6.- Mientras desarrollamos incesantemente esas armas de multiplicación de fuerzas para que nos den nuestra “ventaja” (aunque nunca una ventaja que conduzca a la victoria), no es tan sorprendente que EE.UU. haya llegado a dominar, si no monopolizar, el tráfico global de armas. En estos años, cuando puestos de trabajo estadounidenses fueron exportados al extranjero o simplemente desaparecieron en la Gran Recesión, el armamento es una de nuestras pocas industrias en crecimiento. La guerra interminable ha resultado ser interminablemente rentable –tal vez no para todos nosotros, pero ciertamente para los que están en el negocio de la guerra.

7.- Y no olvidéis el poder seductor de los panoramas que van más allá del peor de los casos, panoramas apocalípticos, de las profecías de eruditos y de los llamados expertos, que nos dicen regularmente que, por malas que puedan ser nuestras guerras, hacer algo por terminarlas sería mucho peor. Un panorama típico sería el siguiente: Si nos retiramos de Afganistán, el gobierno de Hamid Karzai se derrumbará, los talibanes obtendrán la victoria, al-Qaida recurrirá a refugios afganos, Pakistán se desestabilizará aún más y sus bombas atómicas caerán en manos de terroristas que quieren destruir Peoria y Orlando.

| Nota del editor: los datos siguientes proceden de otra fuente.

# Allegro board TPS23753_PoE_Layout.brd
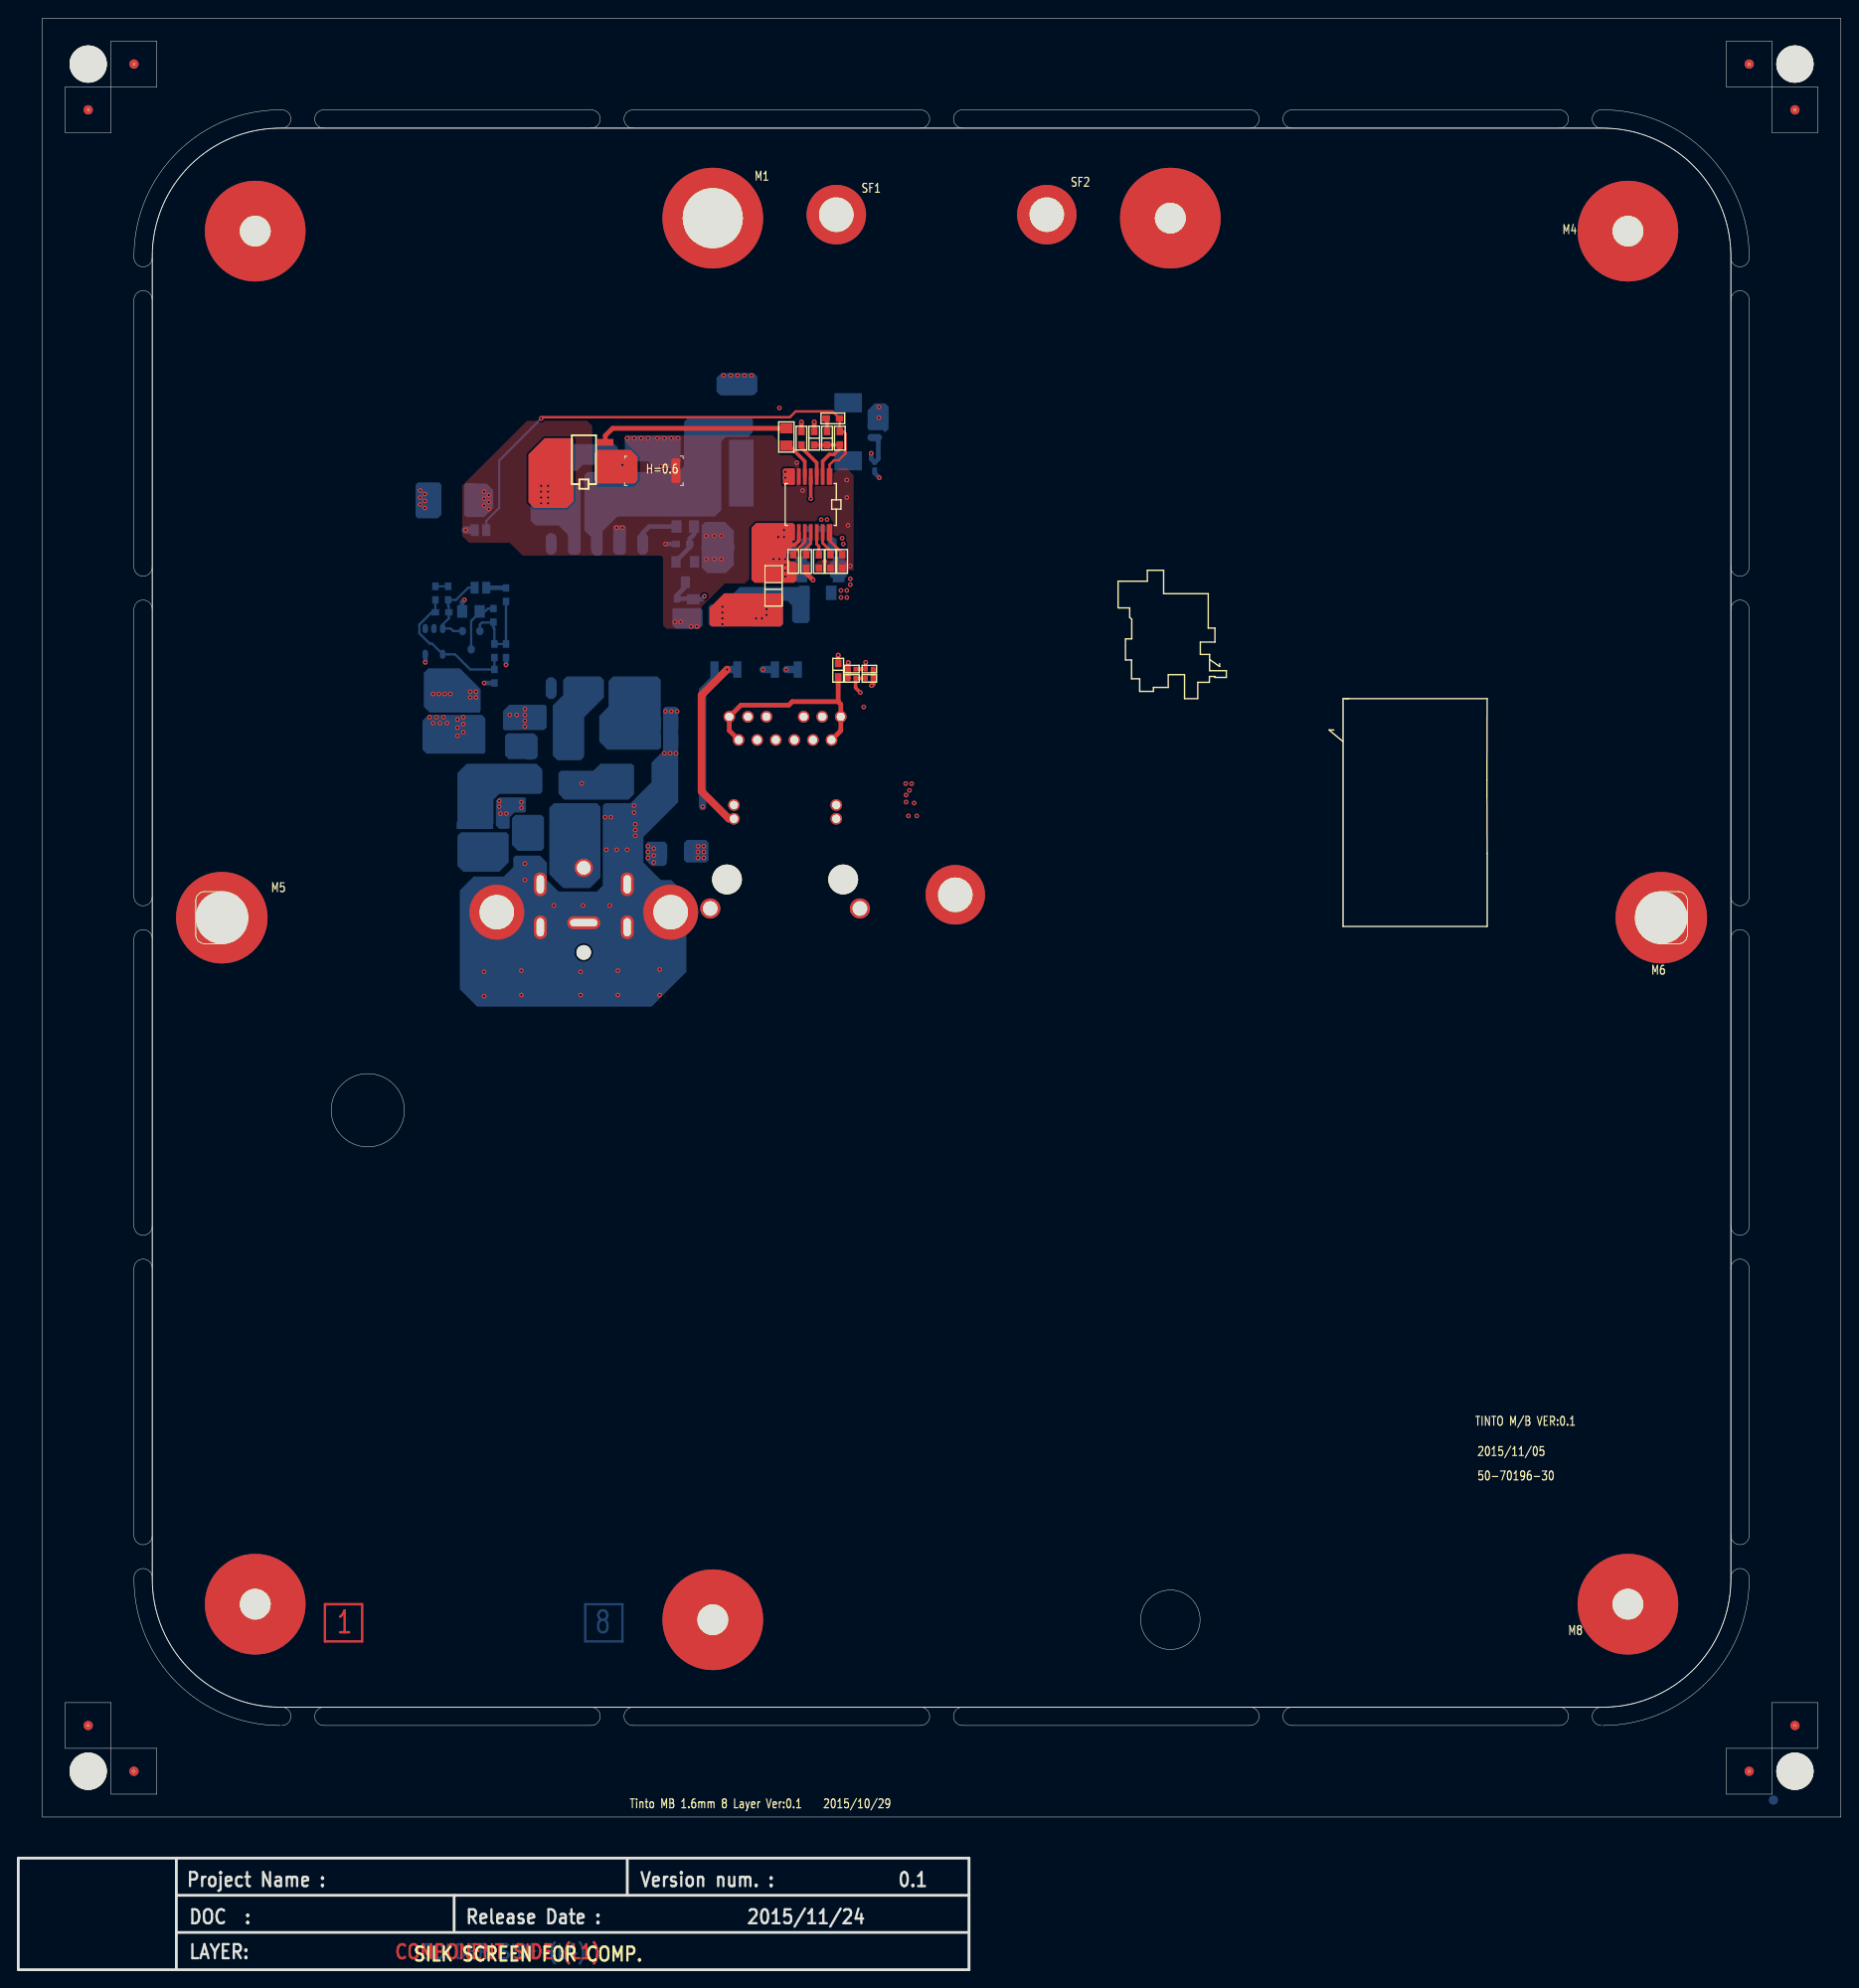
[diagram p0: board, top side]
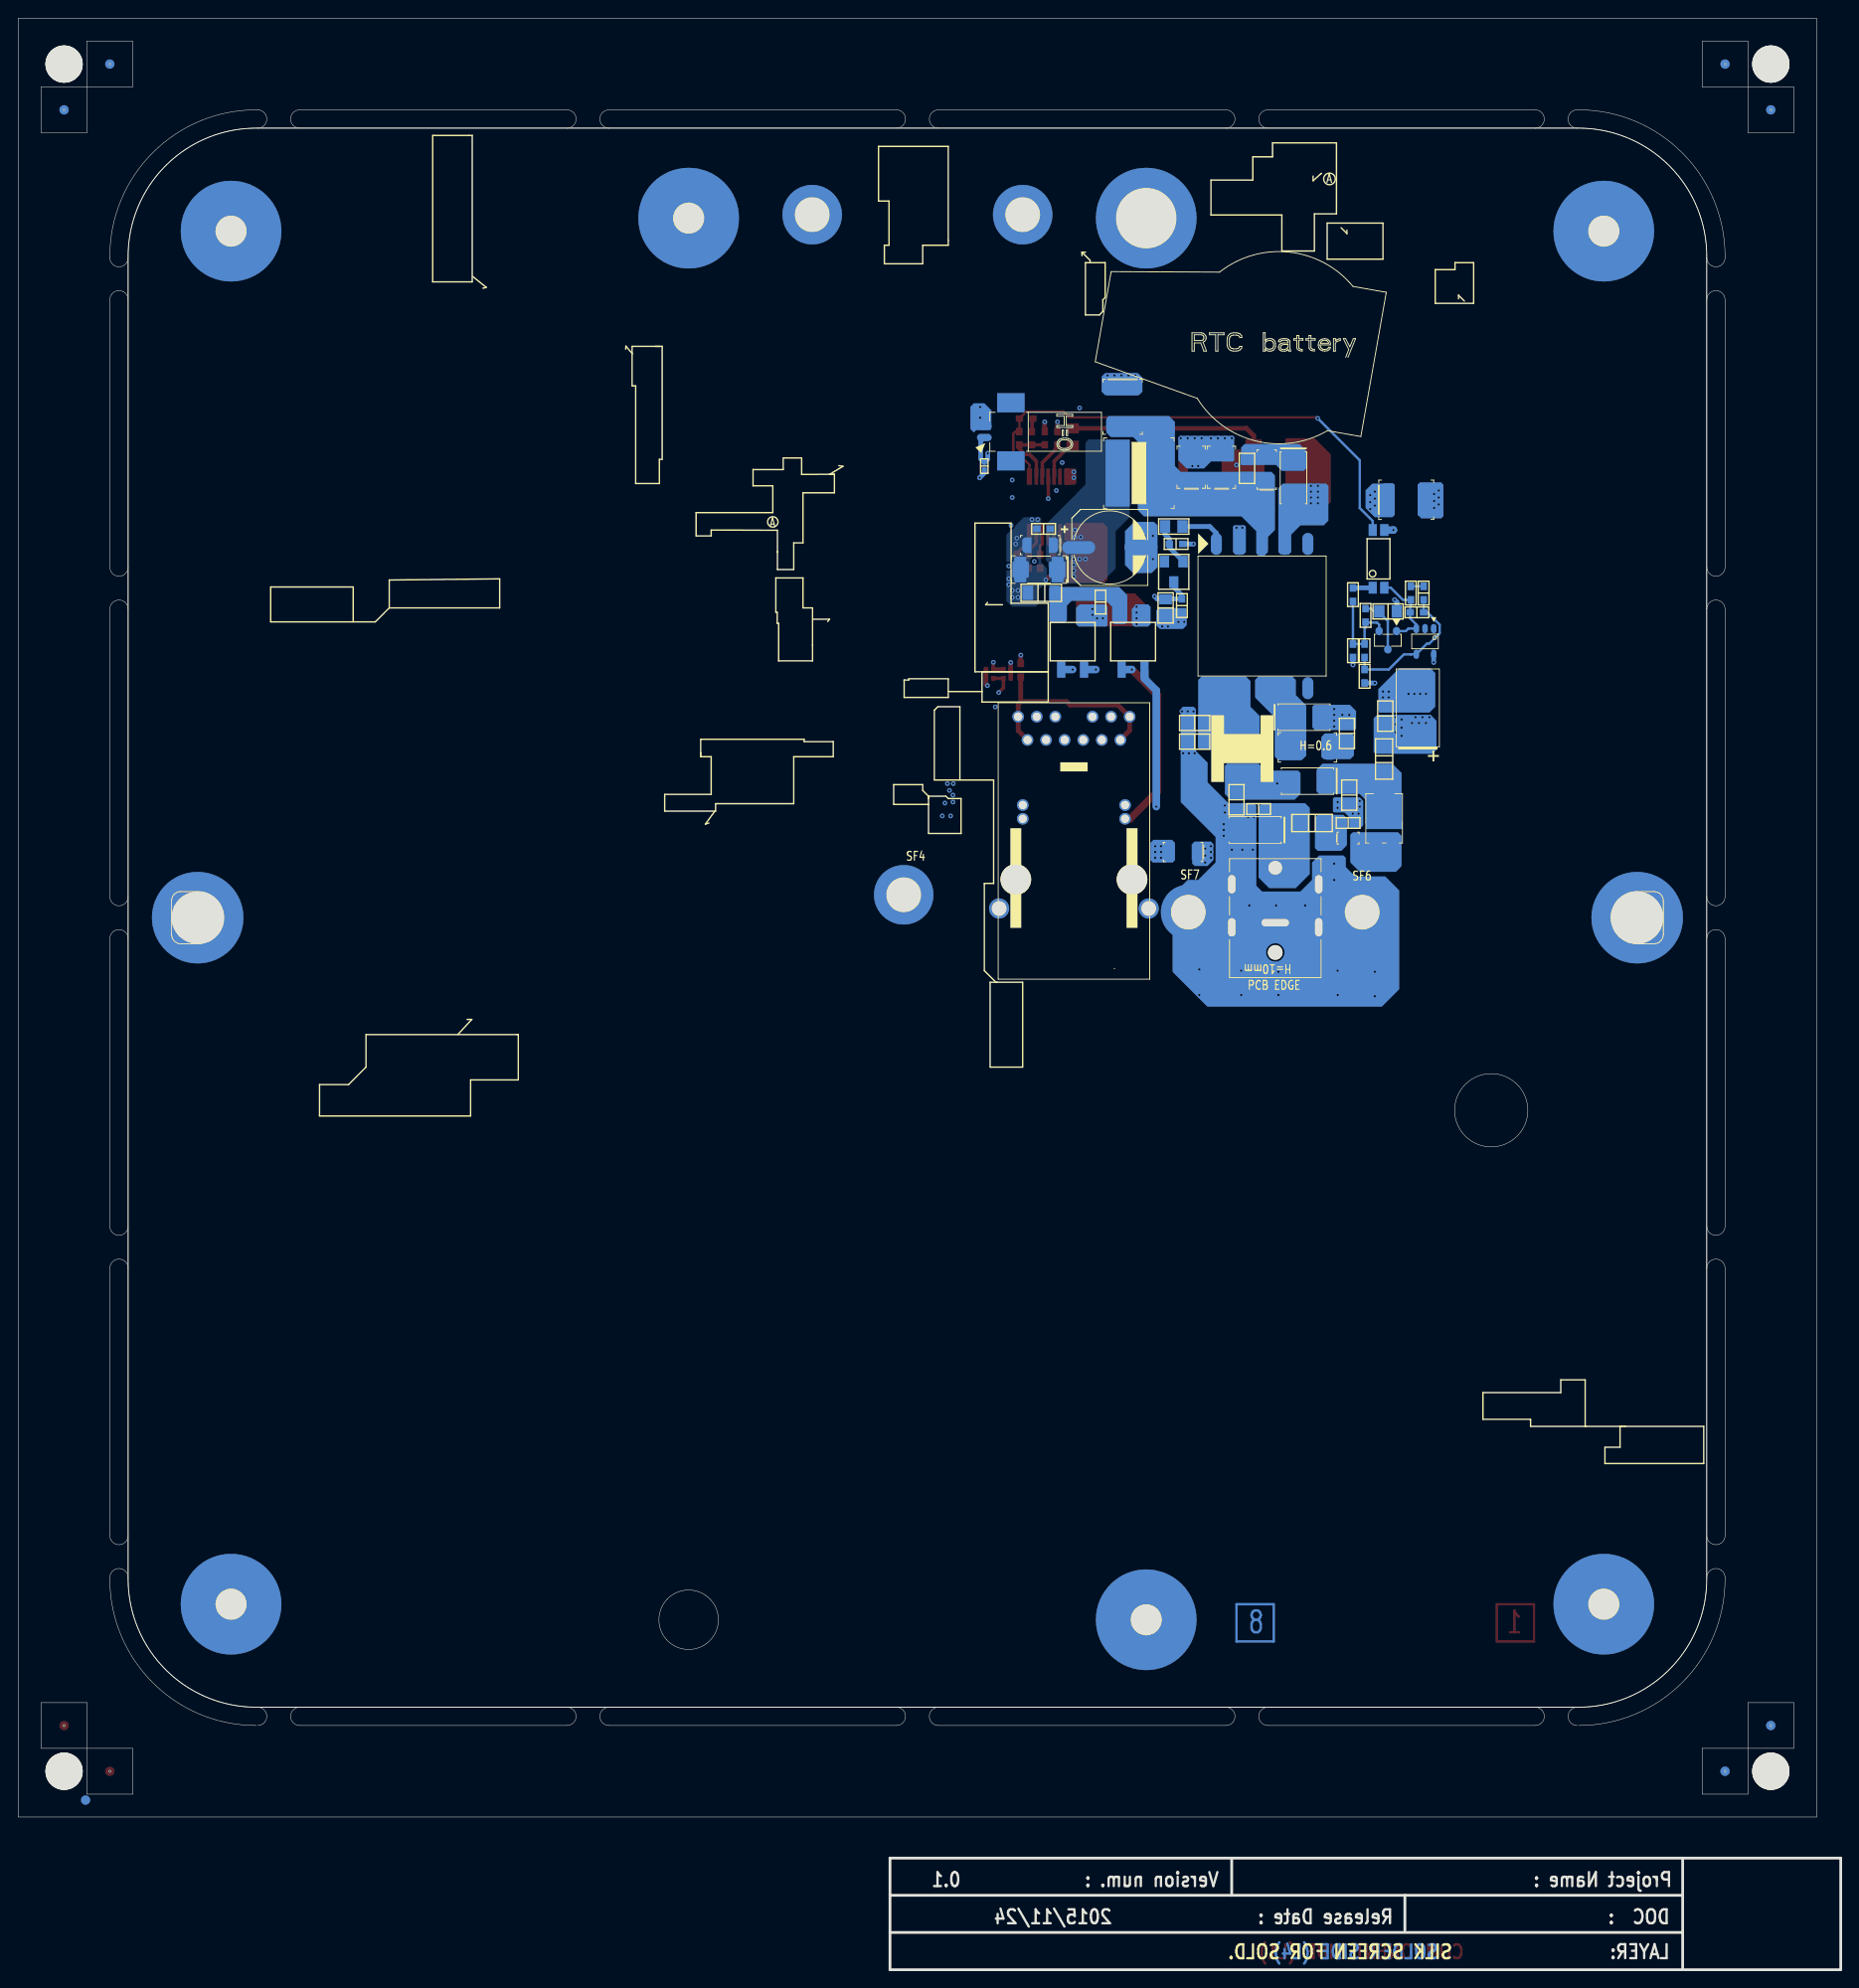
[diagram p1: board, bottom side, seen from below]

Outline 199.14 x 213.18 mm; copper layers: TOP, GND1, IN1, VCC1, VCC2, IN2, GND2, BOTTOM. Coordinates in mm from the lower left corner of the outline.
Outline path: circle c38.19,93.89 r4 ; circle c125.89,38.23 r3.25 ; 17.27,12.19 17.27,0 ; 17.27,8.13 103.89,8.13 ; 17.27,4.06 103.89,4.06 ; 47.62,8.13 47.62,4.32 ; 66.55,12.19 66.55,8.13 ; 0,12.19 0,0 103.89,0 103.89,12.19 0,12.19 ; 19.39,116.78 19.39,113.08 arc(19.68,112.37) 20.39,112.08 22.24,112.08 arc(25.09,114.93) 22.24,117.78 20.39,117.78 arc(19.68,117.49) 19.39,116.78 ; 179.54,112.08 arc(176.69,114.93) 179.54,117.78 181.39,117.78 arc(182.09,117.49) 182.39,116.78 182.39,113.08 arc(182.09,112.37) 181.39,112.08 179.54,112.08

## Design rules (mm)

Semejantes pesadillas febriles, imposibles de refutar, pueden invocarse en todo momento para asustar a los críticos para que guarden silencio. Son un chivo expiatorio conveniente, que nos deja acobardados mientras enviamos a nuestros superhombres militares a salvarnos (y al mundo), y preservamos nuestro derecho a visitar el centro comercial y a viajar a Disney World sin que nos lancen bombas atómicas.

La verdad es que nadie sabe realmente lo que sucedería si EE.UU. se retirara de Afganistán. Pero sí sabemos lo que sucede ahora, cuando estamos totalmente involucrados: seguimos en una guerra que nos cuesta casi 7.000 millones de dólares al mes, que no estamos ganando (y que seguramente no se puede ganar), una guerra que puede estar aumentando las probabilidades de otro 11-S, en lugar de disminuirlas.

Poniendo un “tapón” a las fuentes de la guerra
Cada una de estas siete fuentes que alimentan nuestras guerras perdurables debe ser bloqueada. Por lo tanto, menciono siete sugerencias para el tipo de “tapones” –ojalá sean más efectivos que las improvisaciones de BP– que tenemos que instalar:

1.- Rechacemos la idea de que la guerra sea admirable o buena –y al hacerlo, recordemos que otros nos ven a menudo como “combatientes extranjeros” y derrochadores consumidores de la guerra que matan inocentes (a pesar de nuestros esfuerzos por aplicar la fuerza letal de maneras quirúrgicamente precisas, reflejando “un comedimiento valeroso”).

2.- Recortemos ahora los gastos de defensa y reduzcamos la “misión” global que va con ellos. Fijemos un objetivo razonable –una reducción anual del 6 a 8% durante los próximos 10 años, hasta que los niveles de gastos de defensa hayan bajado por lo menos a donde estaban antes del 11-S, y entonces mantengámoslos a ese nivel.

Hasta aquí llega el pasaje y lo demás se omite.